Now this is the third shop I have started and if I have learned anything it is this, to be successful you need a plan! There it is. Now the first two times I did not write a business plan, I did not write a marketing plan. Really all I did was run into a guy who knew a guy who had a building to rent and the next thing I knew I had a shop and a whole lot of bills to pay that I wasn't sure that I could pay them at first, and the first few mouths where tough they strain our home fiancé but we worked thru it and started to make money. Looking back on it thought it was all by the seat of my pants and I was lucky. Most of the time I was in the right place at the right time to find jobs. I didn't have any system to market my work except word of mouth, and what was worst is that I was spending all my being a woodworking and hardly any being a business man, and that is what kills our businesses.

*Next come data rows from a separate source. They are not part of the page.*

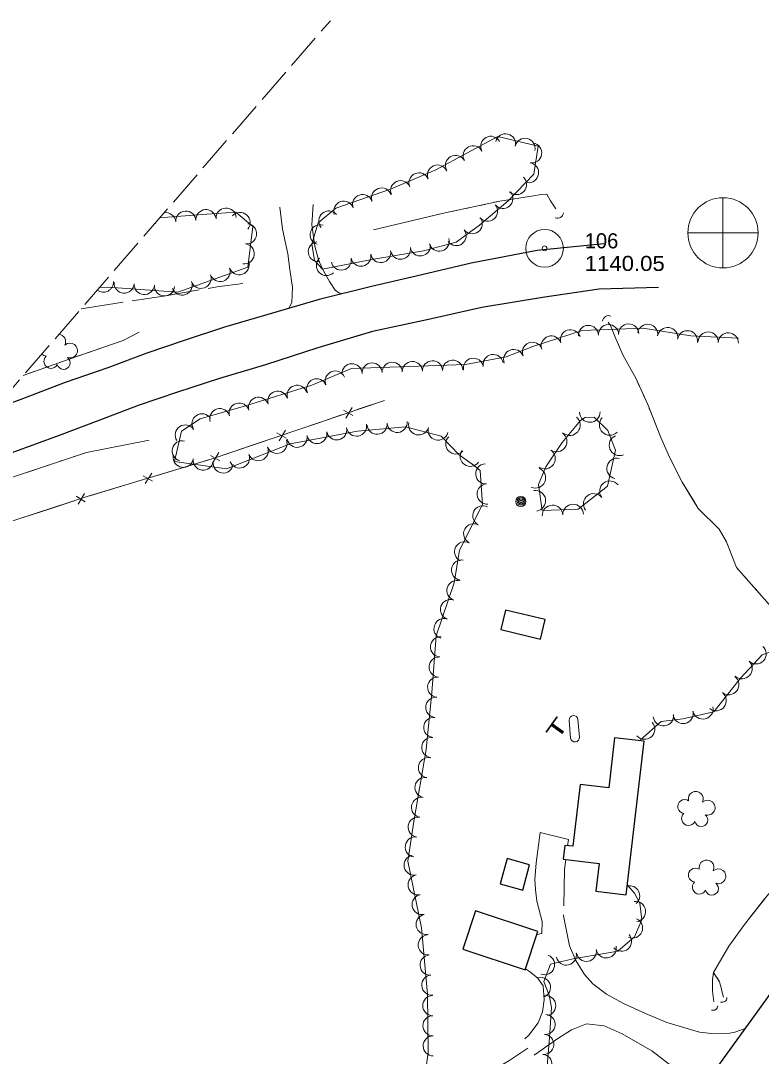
# Model space of a CAD drawing. Extents: x 297327 to 299792, y 46897 to 49095.
# Drawn here: x 298602.3 to 298897.4, y 48195.8 to 48608.4 of the extents above; entities that cross this region are included whole.
import ezdxf

# ---------------------------------------------------------------- set-up
doc = ezdxf.new("R2010")
doc.units = 0
doc.header["$LTSCALE"] = 2.4
doc.linetypes.add('LONG_DASHED', pattern=[7.5, 6, -1.5])
for name, color, linetype, lineweight in [('11', 7, 'Continuous', 25), ('12', 7, 'Continuous', 25), ('14', 7, 'Continuous', 13), ('15', 7, 'Continuous', 13), ('17', 7, 'LONG_DASHED', 13), ('18', 7, 'Continuous', 13), ('19', 7, 'Continuous', 13), ('4', 7, 'Continuous', 13), ('6', 7, 'Continuous', 13)]:
    doc.layers.add(name, color=color, linetype=linetype, lineweight=lineweight)

msp = doc.modelspace()

# ---------------------------------------------------------------- linework, layer by layer
at = {"layer": '11'}
for points in [[(298834.58, 48519.541), (298808.096, 48516.867), (298781.744, 48511.814), (298759.783, 48506.628), (298741.978, 48502.6), (298721.235, 48497.405), (298702.582, 48491.899), (298683.427, 48486.359), (298666.939, 48480.919), (298652.487, 48475.951), (298636.938, 48470.163), (298619.944, 48464.293), (298602.335, 48457.482), (298591.718, 48453.74)], [(298856.43, 48502.098), (298832.734, 48501.472), (298810.213, 48498.214), (298786.044, 48494.131), (298764.748, 48489.435), (298742.421, 48484.578), (298720.68, 48478.068), (298699.817, 48471.396), (298681.487, 48465.854), (298664.689, 48460.484), (298649.026, 48455.162), (298633.429, 48449.095), (298617.572, 48443.137), (298598.732, 48436.221), (298582.927, 48430.382), (298567.326, 48424.327), (298565.687, 48423.671)], [(298880.386, 48192.263), (298896.726, 48214.837), (298916.698, 48242.677), (298939.22, 48273.989), (298958.14, 48300.616), (298978.782, 48329.563), (298995.404, 48352.579), (299009.962, 48373.031)]]:
    msp.add_lwpolyline(points, dxfattribs=at)
at = {"layer": '12', "lineweight": 13}
for p, q in [((298820.803, 48329.684), (298821.393, 48322.612)), ((298824.869, 48322.998), (298824.29, 48329.997))]:
    msp.add_line(p, q, dxfattribs=at)
at = {"layer": '12'}
for points in [[(298793.634, 48365.84), (298809.373, 48362.075), (298811.225, 48369.819), (298795.486, 48373.584)], [(298843.528, 48260.207), (298850.668, 48321.348), (298838.877, 48322.725), (298836.552, 48302.815), (298825.14, 48304.148), (298822.261, 48279.497), (298819.076, 48279.869), (298818.431, 48274.347), (298832.728, 48272.678), (298831.437, 48261.619)], [(298802.291, 48262.047), (298805.064, 48272.11), (298796.09, 48274.583), (298793.317, 48264.52)], [(298808.358, 48245.517), (298783.494, 48253.777), (298778.445, 48238.58), (298803.309, 48230.32)]]:
    msp.add_lwpolyline(points, close=True, dxfattribs=at)
at = {"layer": '12', "lineweight": 13}
for centre, start, end in [((298822.548, 48329.829), 5.48716, 184.73785), ((298823.123, 48322.864), 188.30531, 4.35263)]:
    msp.add_arc(centre, 1.75, start, end, dxfattribs=at)
at = {"layer": '14'}
for centre, radius in [((298801.579, 48416.911), 2.018), ((298801.567, 48416.916), 1.518), ((298801.603, 48416.898), 1.008), ((298801.597, 48416.907), 0.502)]:
    msp.add_circle(centre, radius, dxfattribs=at)
at = {"layer": '15'}
for p, q in [((298736.38, 48453.477), (298747.155, 48457.128)), ((298730.897, 48453.211), (298734.581, 48451.095)), ((298731.78, 48450.073), (298734.273, 48454.355)), ((298709.862, 48444.493), (298720.638, 48448.143)), ((298720.638, 48448.143), (298730.115, 48451.354)), ((298704.38, 48444.227), (298708.064, 48442.11)), ((298705.263, 48441.089), (298707.756, 48445.37)), ((298694.121, 48439.159), (298703.598, 48442.37)), ((298678.745, 48432.104), (298681.239, 48436.386)), ((298683.345, 48435.508), (298694.121, 48439.159)), ((298667.485, 48430.543), (298677.064, 48433.435)), ((298677.863, 48435.242), (298681.547, 48433.125)), ((298651.106, 48427.172), (298654.717, 48424.933)), ((298651.883, 48424.006), (298654.518, 48428.202)), ((298656.594, 48427.254), (298667.485, 48430.543)), ((298640.683, 48422.45), (298650.262, 48425.342)), ((298624.301, 48418.975), (298627.96, 48416.815)), ((298625.147, 48415.827), (298627.691, 48420.079)), ((298629.791, 48419.161), (298640.683, 48422.45)), ((298613.983, 48414.029), (298623.497, 48417.128)), ((298603.165, 48410.505), (298613.983, 48414.029))]:
    msp.add_line(p, q, dxfattribs=at)
msp.add_lwpolyline([(298534.919, 48388.131), (298572.165, 48400.408), (298629.092, 48418.95), (298678.573, 48433.891), (298747.155, 48457.128)], dxfattribs=at)
for centre, radius, start, end in [((298816.143, 48532.11), 2.39, 249.05637, 355.29594), ((298836.548, 48488.525), 2.415, 68.75119, 174.99076), ((298881.729, 48219.281), 1.941, 252.37635, 358.61591), ((298878.133, 48216.081), 1.923, 250.35771, 356.59727)]:
    msp.add_arc(centre, radius, start, end, dxfattribs=at)
at = {"layer": '17'}
for points in [[(298718.843, 48535.226), (298718.267, 48527.067), (298719.41, 48518.552), (298721.025, 48512.769), (298723.001, 48508.553), (298725.242, 48504.475), (298727.613, 48501.024), (298728.973, 48499.987), (298730.374, 48499.694)], [(298709.091, 48493.82), (298710.252, 48496.273), (298710.522, 48502.085), (298709.443, 48509.294), (298708.649, 48515.534), (298706.605, 48525.35), (298705.509, 48534.221)], [(298626.278, 48493.66), (298628.89, 48494.087), (298659.171, 48498.686), (298680.575, 48502.417), (298690.747, 48503.678)], [(298807.993, 48244.42), (298808.096, 48244.39), (298809.864, 48244.804), (298810.02, 48249.57), (298807.896, 48257.678), (298807.383, 48262.345), (298807.191, 48266.302), (298807.606, 48272.895), (298809.248, 48284.994), (298820.539, 48282.233), (298820.21, 48279.737)], [(298819.482, 48274.224), (298818.954, 48270.219), (298818.565, 48251.79), (298820.941, 48239.787), (298823.517, 48234.002), (298826.854, 48228.436), (298830.262, 48224.688), (298835.676, 48220.546), (298842.423, 48216.931), (298851.184, 48212.896), (298859.734, 48209.26), (298872.738, 48205.465), (298878.777, 48204.832), (298884.865, 48205.046), (298886.836, 48205.469), (298890.964, 48206.876)], [(298803.158, 48202.748), (298804.786, 48204.215), (298808.492, 48209.226), (298810.226, 48213.551), (298810.85, 48218.323), (298810.469, 48223.937), (298808.179, 48227.132), (298805.034, 48229.683), (298803.441, 48230.718)], [(298869.073, 48176.256), (298867.134, 48182.115), (298864.799, 48187.957), (298861.825, 48191.745), (298853.755, 48197.965), (298841.935, 48204.811), (298834.747, 48207.957), (298827.75, 48208.774), (298821.748, 48206.38), (298816.292, 48202.905), (298806.831, 48196.299)], [(298804.335, 48199.125), (298796.758, 48194.022), (298786.781, 48188.133), (298778.292, 48181.845), (298770.455, 48177.553)]]:
    msp.add_lwpolyline(points, dxfattribs=at)
at = {"layer": '18'}
for points in [[(298742.14, 48513.345), (298762.786, 48516.799), (298775.799, 48520.228), (298785.011, 48527.03), (298796.527, 48536.684), (298806.662, 48547.28), (298808.462, 48558.512), (298792.349, 48562.291), (298767.711, 48548.989), (298749.634, 48541.295), (298727.813, 48533.698), (298720.821, 48527.878), (298718.241, 48519.517), (298719.276, 48512.914), (298722.571, 48509.453)], [(298825.369, 48449.109), (298827.153, 48450.341), (298830.768, 48450.447), (298836.171, 48445.153), (298839.328, 48437.339), (298836.121, 48422.963), (298824.458, 48413.893), (298810.059, 48413.347), (298808.528, 48423.725), (298811.512, 48430.724), (298818.079, 48440.336)]]:
    msp.add_lwpolyline(points, close=True, dxfattribs=at)
for points in [[(298633.6, 48502.117), (298637.148, 48502.284), (298664.884, 48500.296), (298692.743, 48510.207), (298694.729, 48526.463), (298688.014, 48532.202), (298676.392, 48531.314), (298659.191, 48530.022), (298657.639, 48529.885)], [(298888.333, 48482.021), (298869.25, 48482.856), (298850.261, 48485.928), (298825.993, 48485.069), (298806.332, 48478.653), (298795.721, 48474.584), (298779.544, 48471.5), (298760.873, 48470.845), (298734.01, 48469.876), (298718.26, 48463.222), (298691.855, 48455.025), (298673.708, 48449.832), (298666.266, 48444.895), (298663.509, 48432.876), (298684.203, 48429.907), (298709.568, 48439.811), (298736.457, 48444.85), (298755.575, 48446.597), (298769.742, 48442.882), (298776.92, 48435.465), (298783.096, 48431.086), (298785.387, 48429.241), (298786.297, 48415.628), (298777.106, 48397.513), (298774.928, 48384.49), (298767.755, 48363.384), (298766.143, 48340.734), (298763.87, 48318.109), (298758.853, 48289.38), (298756.556, 48273.526), (298761.957, 48247.037), (298764.304, 48220.602), (298764.559, 48197.242), (298760.904, 48170.711)], [(298849.244, 48321.907), (298857.535, 48329.28), (298866.122, 48330.268), (298878.495, 48333.027), (298889.123, 48346.539), (298897.753, 48355.771), (298909.657, 48359.901), (298911.987, 48373.993), (298905.69, 48386.836), (298907.189, 48404.412), (298912.175, 48421.888), (298921.692, 48430.031), (298932.836, 48431.368), (298939.927, 48433.501)], [(298811.357, 48183.936), (298812.99, 48203.324), (298813.738, 48215.23), (298812.856, 48220.207), (298810.703, 48225.665), (298813.349, 48232.565), (298822.405, 48234.64), (298840.23, 48237.68), (298846.81, 48243.389), (298849.776, 48250.21), (298848.936, 48256.882), (298846.808, 48260.777), (298843.956, 48264.201)]]:
    msp.add_lwpolyline(points, dxfattribs=at)
for centre, radius, start, end in [((298795.467, 48559.414), 3.991, 346.80857, 166.79325), ((298789.568, 48558.416), 3.991, 28.37217, 208.35685), ((298803.238, 48557.592), 3.991, 346.80857, 166.79325), ((298805.908, 48555.777), 3.991, 260.90306, 80.88774), ((298782.545, 48554.624), 3.991, 28.37217, 208.35685), ((298768.316, 48546.976), 3.991, 23.06342, 203.04809), ((298775.522, 48550.832), 3.991, 28.37217, 208.35685), ((298804.645, 48547.896), 3.991, 260.90306, 80.88774), ((298760.972, 48543.851), 3.991, 23.06342, 203.04809), ((298753.628, 48540.725), 3.991, 23.06342, 203.04809), ((298799.836, 48543.166), 3.991, 226.28155, 46.26623), ((298738.506, 48535.209), 3.991, 19.20327, 199.18794), ((298746.044, 48537.833), 3.991, 19.20327, 199.18794), ((298794.411, 48537.636), 3.991, 219.98117, 39.96584), ((298730.969, 48532.585), 3.991, 19.20327, 199.18794), ((298788.295, 48532.509), 3.991, 219.98117, 39.96584), ((298660.022, 48527.972), 4.025, 4.30319, 98.4609), ((298668.048, 48528.575), 4.025, 4.30319, 184.28787), ((298676.074, 48529.178), 4.025, 4.30319, 184.28787), ((298684.102, 48529.79), 4.025, 4.37696, 184.36164), ((298689.659, 48528.025), 4.025, 319.48868, 139.47336), ((298725.025, 48528.659), 3.991, 39.78098, 219.76566), ((298652.031, 48527.275), 4.025, 5.05662, 10.14382), ((298660.022, 48527.972), 4.025, 179.77176, 184.28787), ((298692.252, 48523.562), 4.025, 263.04234, 83.02701), ((298721.564, 48523.201), 3.991, 72.85872, 252.84339), ((298782.206, 48527.555), 3.991, 216.44926, 36.43393), ((298775.785, 48522.814), 3.991, 216.44926, 36.43393), ((298691.276, 48515.573), 4.025, 263.04234, 83.02701), ((298720.844, 48516.401), 3.991, 98.91611, 278.90079), ((298753.603, 48517.381), 3.991, 189.50508, 9.48976), ((298761.475, 48518.698), 3.991, 189.50508, 9.48976), ((298769.024, 48520.603), 3.991, 194.76986, 14.75454), ((298724.084, 48510.893), 3.991, 133.60014, 313.58482), ((298729.991, 48513.059), 3.991, 191.25621, 11.24089), ((298737.819, 48514.615), 3.991, 191.25621, 11.24089), ((298745.732, 48516.064), 3.991, 189.50508, 9.48976), ((298681.722, 48508.522), 4.025, 199.59097, 19.57565), ((298689.305, 48511.22), 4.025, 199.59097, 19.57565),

So this time I decided to do thing right. I am writing a business plan, doing marketing research, and writing a marketing plan. Now just a note, plan to me, they are an idea to be follow, but not set in stone, because in a small business one needs to be flexible.

Business plan: I had to write a business plan in college, so I vaguely remembered how, so the first thing I did was turn to the computer and looked for resources I could use that where up to date. There was plenty but not a lot dealing with woodworking or the craft business but I did find a few I also found pod cast on small business that have been helpful some touch on relevant information and others don't pertain to businesses that woodworkers would be interested in. other resources I use are magazines like trade magazines, woodshop news, and the craft reports. Now with all this information I have came up with fourteen questions in my business plan. This I am hoping will give me a road map to keep on track and to grow. I am still working on a marketing plan. That I will save for another blog. I would love some input on the questions in my plan and if you have any suggestions. I will also list links to my resources for anyone who wants to check them out.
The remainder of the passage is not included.